### DATA PROVIDED ###

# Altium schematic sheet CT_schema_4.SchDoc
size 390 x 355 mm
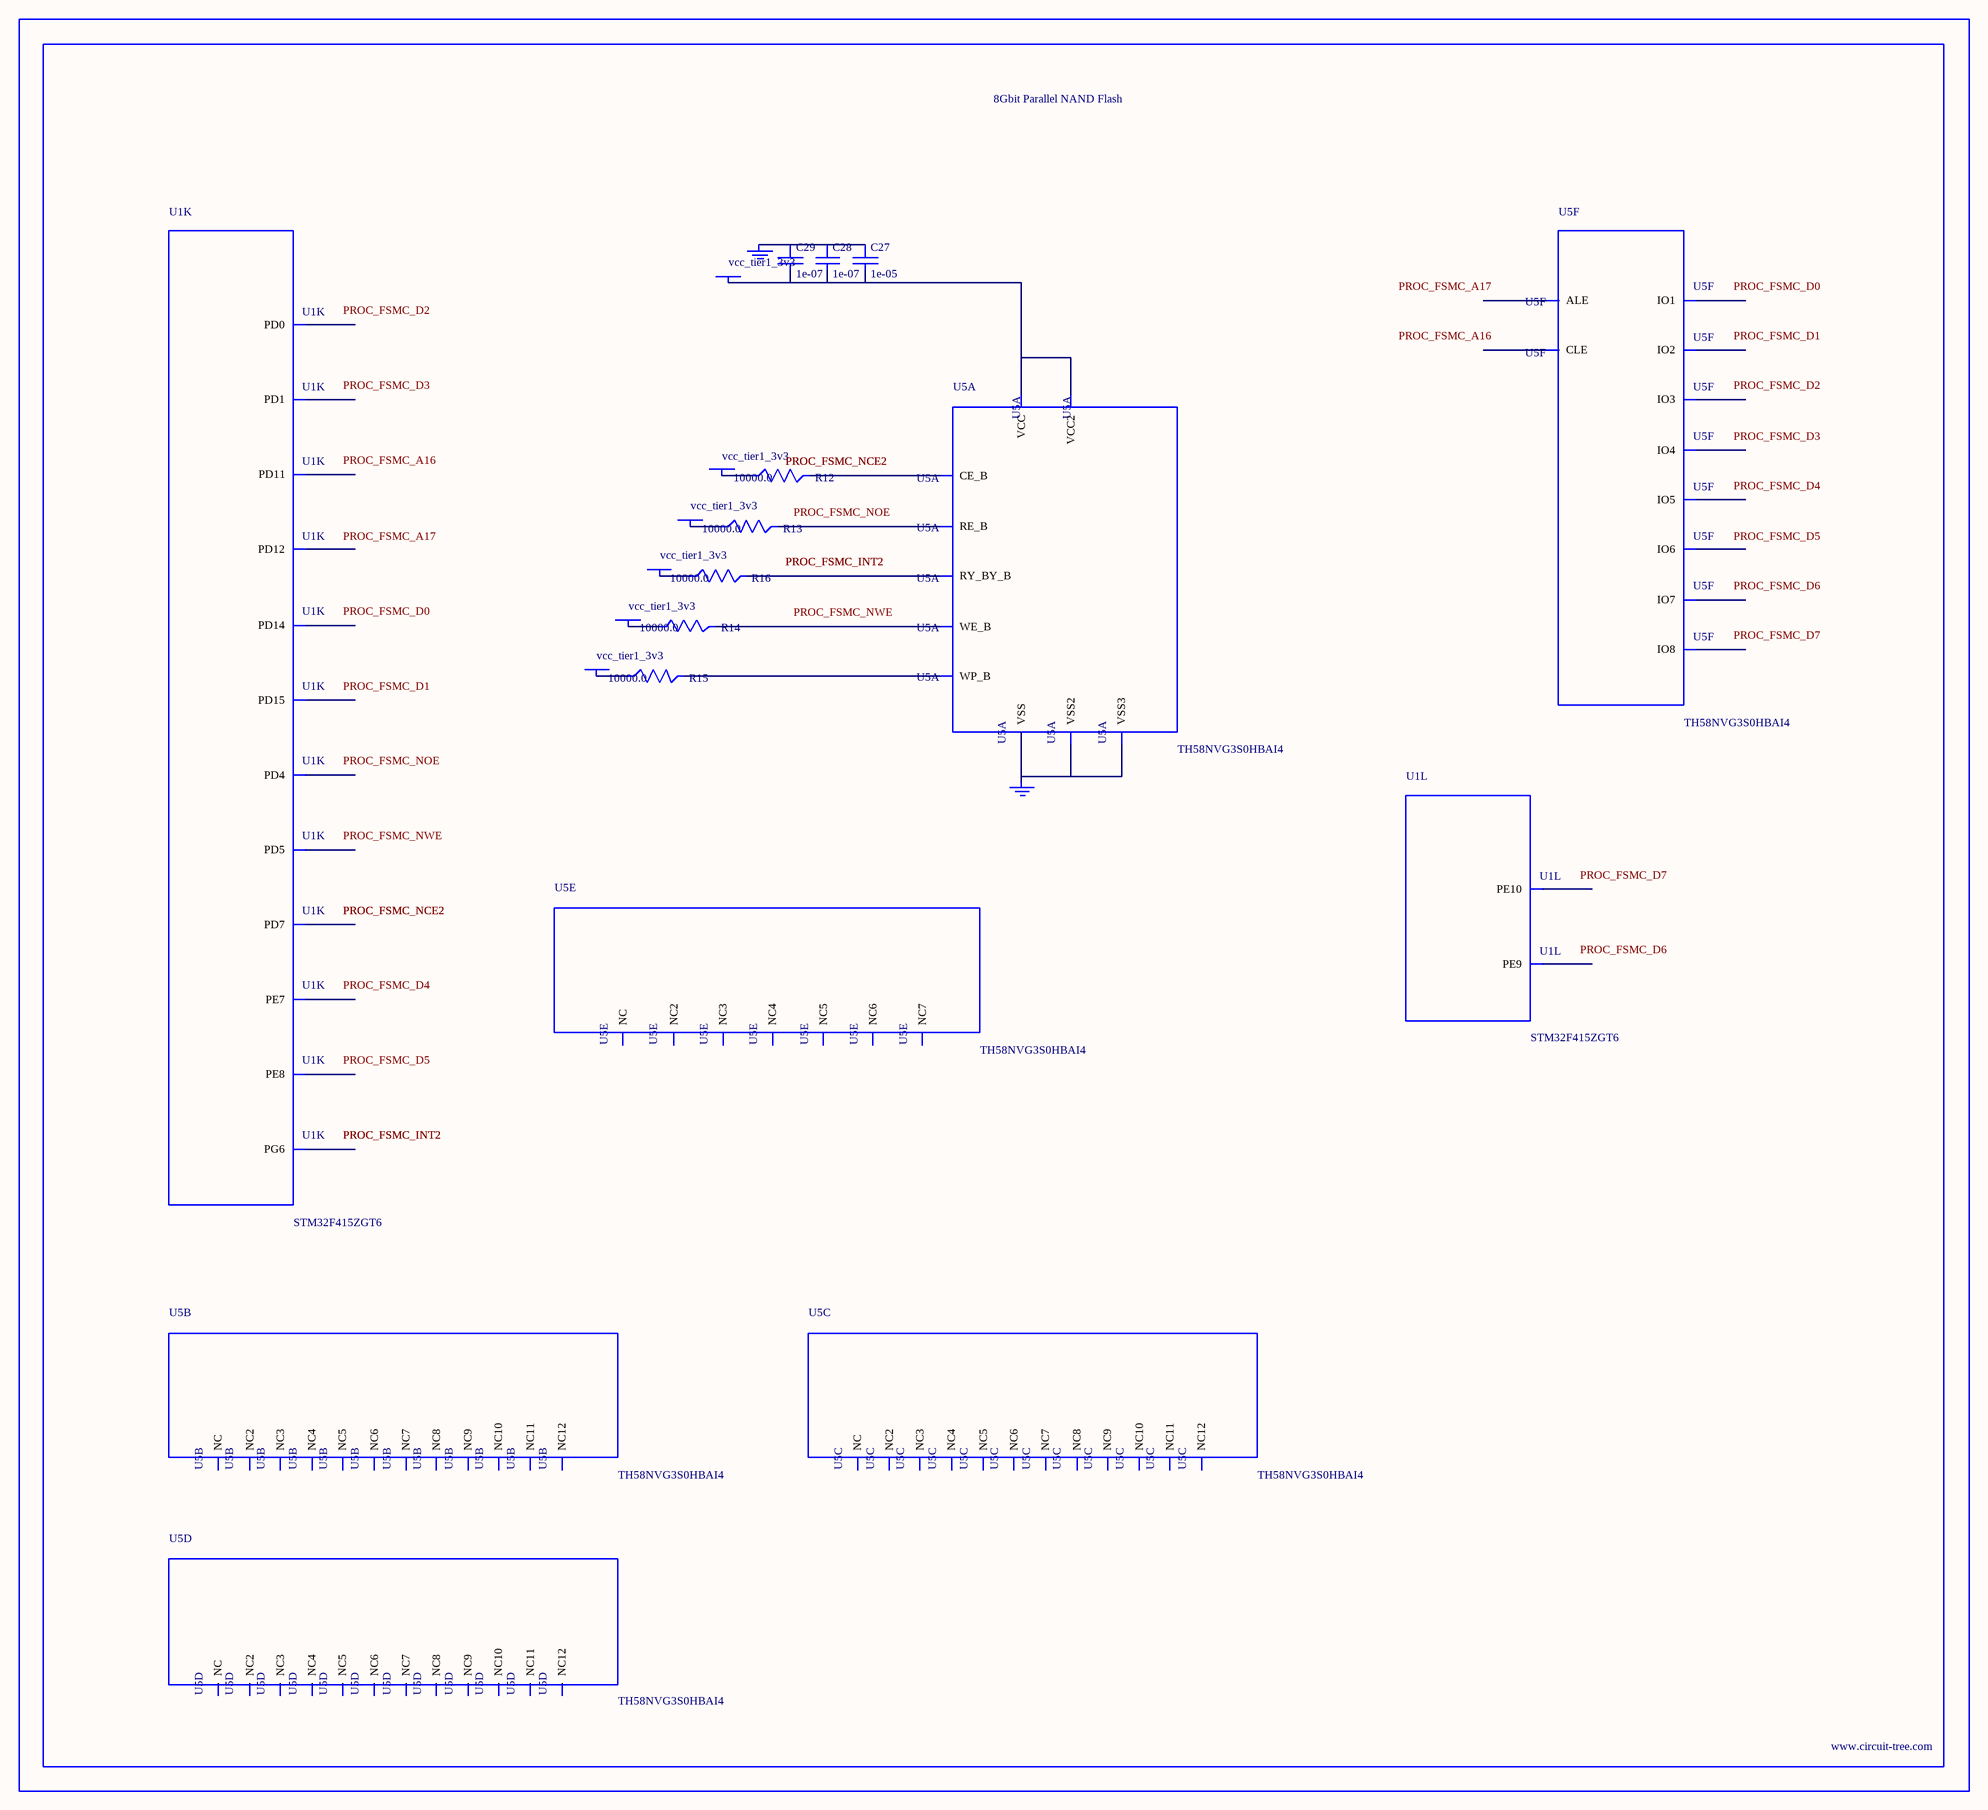
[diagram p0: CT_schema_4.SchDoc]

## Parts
BORDER3  (no value)
C27  1e-05  [C0805]
C28  1e-07  [C0402]
C29  1e-07  [C0402]
GND_INSTANCE_3_0  (no value)
GND_INSTANCE_3_1  (no value)
POWER_INSTANCE_3_0  vcc_tier1_3v3
POWER_INSTANCE_3_1  vcc_tier1_3v3
POWER_INSTANCE_3_2  vcc_tier1_3v3
POWER_INSTANCE_3_3  vcc_tier1_3v3
POWER_INSTANCE_3_4  vcc_tier1_3v3
POWER_INSTANCE_3_5  vcc_tier1_3v3
R12  10000.0  [R0603]
R13  10000.0  [R0603]
R14  10000.0  [R0603]
R15  10000.0  [R0603]
R16  10000.0  [R0603]
U1  STM32F415ZGT6  [LQFP144]  (parts K,L of 12)
U5  TH58NVG3S0HBAI4  [TH58NVG3S0HBAI4]  (parts A,B,C,D,E,F of 6)

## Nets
NetC27_1: C27.1 C28.1 C29.1 GND_INSTANCE_3_0.0(GND)
NetC27_2: C27.2 C28.2 C29.2 POWER_INSTANCE_3_5.0(PWR) U5.H8(VCC) U5.J6(VCC2)
NetGND_INSTANCE_3_1_0: GND_INSTANCE_3_1.0(GND) U5.C5(VSS) U5.K3(VSS2) U5.K8(VSS3)
NetPOWER_INSTANCE_3_0_0: POWER_INSTANCE_3_0.0(PWR) R12.1
NetPOWER_INSTANCE_3_1_0: POWER_INSTANCE_3_1.0(PWR) R13.1
NetPOWER_INSTANCE_3_2_0: POWER_INSTANCE_3_2.0(PWR) R14.1
NetPOWER_INSTANCE_3_3_0: POWER_INSTANCE_3_3.0(PWR) R15.1
NetPOWER_INSTANCE_3_4_0: POWER_INSTANCE_3_4.0(PWR) R16.1
NetR12_2: R12.2 U5.C6(CE_B)
NetR13_2: R13.2 U5.D4(RE_B)
NetR14_2: R14.2 U5.C7(WE_B)
NetR15_2: R15.2 U5.C3(WP_B)
NetR16_2: R16.2 U5.C8(RY_BY_B)

Not connected (* = marked no-connect by the designer): U1 58(PE7) 59(PE8) 60(PE9) 63(PE10) 80(PD11) 81(PD12) 85(PD14) 86(PD15) 91(PG6) 114(PD0) 115(PD1) 118(PD4) 119(PD5) 123(PD7); U5 A1(NC) A2(NC3) A9(NC4) A10(NC2) B1(NC5) B9(NC7) B10(NC6) C4(ALE) D3(NC8) D5(CLE) D6(NC9) D7(NC10) D8(NC11) E3(NC12) E4(NC) E5(NC2) E6(NC3) E7(NC4) E8(NC5) F3(NC6) F4(NC7) F5(NC8) F6(NC9) F7(NC10) F8(NC11) G3(NC12) G4(NC) G5(NC2) G6(NC3) G7(NC4) G8(NC5) H3(NC6) H4(IO1) H5(NC7) H6(NC8) H7(NC9) J3(NC10) J4(IO2) J5(NC11) J7(IO6) J8(IO8) K4(IO3) K5(IO4) K6(IO5) K7(IO7) L1(NC12) L2(NC2) L9(NC3) L10(NC) M1(NC4) M2(NC6) M9(NC7) M10(NC5)

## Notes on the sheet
- Labels drawn without touching a wire or pin: PROC_FSMC_A16, PROC_FSMC_A17, PROC_FSMC_D0, PROC_FSMC_D1, PROC_FSMC_D2, PROC_FSMC_D3, PROC_FSMC_D4, PROC_FSMC_D5, PROC_FSMC_D6, PROC_FSMC_D7, PROC_FSMC_NOE, PROC_FSMC_NWE

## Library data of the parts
BORDER3 = BORDER_PAGE3
C27 = C0805C106K8RACTU
C28 C29 = C0402C104K3RACTU
GND_INSTANCE_3_0 GND_INSTANCE_3_1 = GND
POWER_INSTANCE_3_0-POWER_INSTANCE_3_5 = PWR
R12-R16 = RC0603JR-0710KL

###

* [TASK REQUIREMENTS]
Leave the pictures out and reproduce each record exactly as written.

* [OUTPUT BELOW]
# Altium schematic sheet CT_schema_4.SchDoc
size 390 x 355 mm
[diagram p0: CT_schema_4.SchDoc]

## Parts
BORDER3  (no value)
C27  1e-05  [C0805]
C28  1e-07  [C0402]
C29  1e-07  [C0402]
GND_INSTANCE_3_0  (no value)
GND_INSTANCE_3_1  (no value)
POWER_INSTANCE_3_0  vcc_tier1_3v3
POWER_INSTANCE_3_1  vcc_tier1_3v3
POWER_INSTANCE_3_2  vcc_tier1_3v3
POWER_INSTANCE_3_3  vcc_tier1_3v3
POWER_INSTANCE_3_4  vcc_tier1_3v3
POWER_INSTANCE_3_5  vcc_tier1_3v3
R12  10000.0  [R0603]
R13  10000.0  [R0603]
R14  10000.0  [R0603]
R15  10000.0  [R0603]
R16  10000.0  [R0603]
U1  STM32F415ZGT6  [LQFP144]  (parts K,L of 12)
U5  TH58NVG3S0HBAI4  [TH58NVG3S0HBAI4]  (parts A,B,C,D,E,F of 6)

## Nets
NetC27_1: C27.1 C28.1 C29.1 GND_INSTANCE_3_0.0(GND)
NetC27_2: C27.2 C28.2 C29.2 POWER_INSTANCE_3_5.0(PWR) U5.H8(VCC) U5.J6(VCC2)
NetGND_INSTANCE_3_1_0: GND_INSTANCE_3_1.0(GND) U5.C5(VSS) U5.K3(VSS2) U5.K8(VSS3)
NetPOWER_INSTANCE_3_0_0: POWER_INSTANCE_3_0.0(PWR) R12.1
NetPOWER_INSTANCE_3_1_0: POWER_INSTANCE_3_1.0(PWR) R13.1
NetPOWER_INSTANCE_3_2_0: POWER_INSTANCE_3_2.0(PWR) R14.1
NetPOWER_INSTANCE_3_3_0: POWER_INSTANCE_3_3.0(PWR) R15.1
NetPOWER_INSTANCE_3_4_0: POWER_INSTANCE_3_4.0(PWR) R16.1
NetR12_2: R12.2 U5.C6(CE_B)
NetR13_2: R13.2 U5.D4(RE_B)
NetR14_2: R14.2 U5.C7(WE_B)
NetR15_2: R15.2 U5.C3(WP_B)
NetR16_2: R16.2 U5.C8(RY_BY_B)

Not connected (* = marked no-connect by the designer): U1 58(PE7) 59(PE8) 60(PE9) 63(PE10) 80(PD11) 81(PD12) 85(PD14) 86(PD15) 91(PG6) 114(PD0) 115(PD1) 118(PD4) 119(PD5) 123(PD7); U5 A1(NC) A2(NC3) A9(NC4) A10(NC2) B1(NC5) B9(NC7) B10(NC6) C4(ALE) D3(NC8) D5(CLE) D6(NC9) D7(NC10) D8(NC11) E3(NC12) E4(NC) E5(NC2) E6(NC3) E7(NC4) E8(NC5) F3(NC6) F4(NC7) F5(NC8) F6(NC9) F7(NC10) F8(NC11) G3(NC12) G4(NC) G5(NC2) G6(NC3) G7(NC4) G8(NC5) H3(NC6) H4(IO1) H5(NC7) H6(NC8) H7(NC9) J3(NC10) J4(IO2) J5(NC11) J7(IO6) J8(IO8) K4(IO3) K5(IO4) K6(IO5) K7(IO7) L1(NC12) L2(NC2) L9(NC3) L10(NC) M1(NC4) M2(NC6) M9(NC7) M10(NC5)

## Notes on the sheet
- Labels drawn without touching a wire or pin: PROC_FSMC_A16, PROC_FSMC_A17, PROC_FSMC_D0, PROC_FSMC_D1, PROC_FSMC_D2, PROC_FSMC_D3, PROC_FSMC_D4, PROC_FSMC_D5, PROC_FSMC_D6, PROC_FSMC_D7, PROC_FSMC_NOE, PROC_FSMC_NWE

## Library data of the parts
BORDER3 = BORDER_PAGE3
C27 = C0805C106K8RACTU
C28 C29 = C0402C104K3RACTU
GND_INSTANCE_3_0 GND_INSTANCE_3_1 = GND
POWER_INSTANCE_3_0-POWER_INSTANCE_3_5 = PWR
R12-R16 = RC0603JR-0710KL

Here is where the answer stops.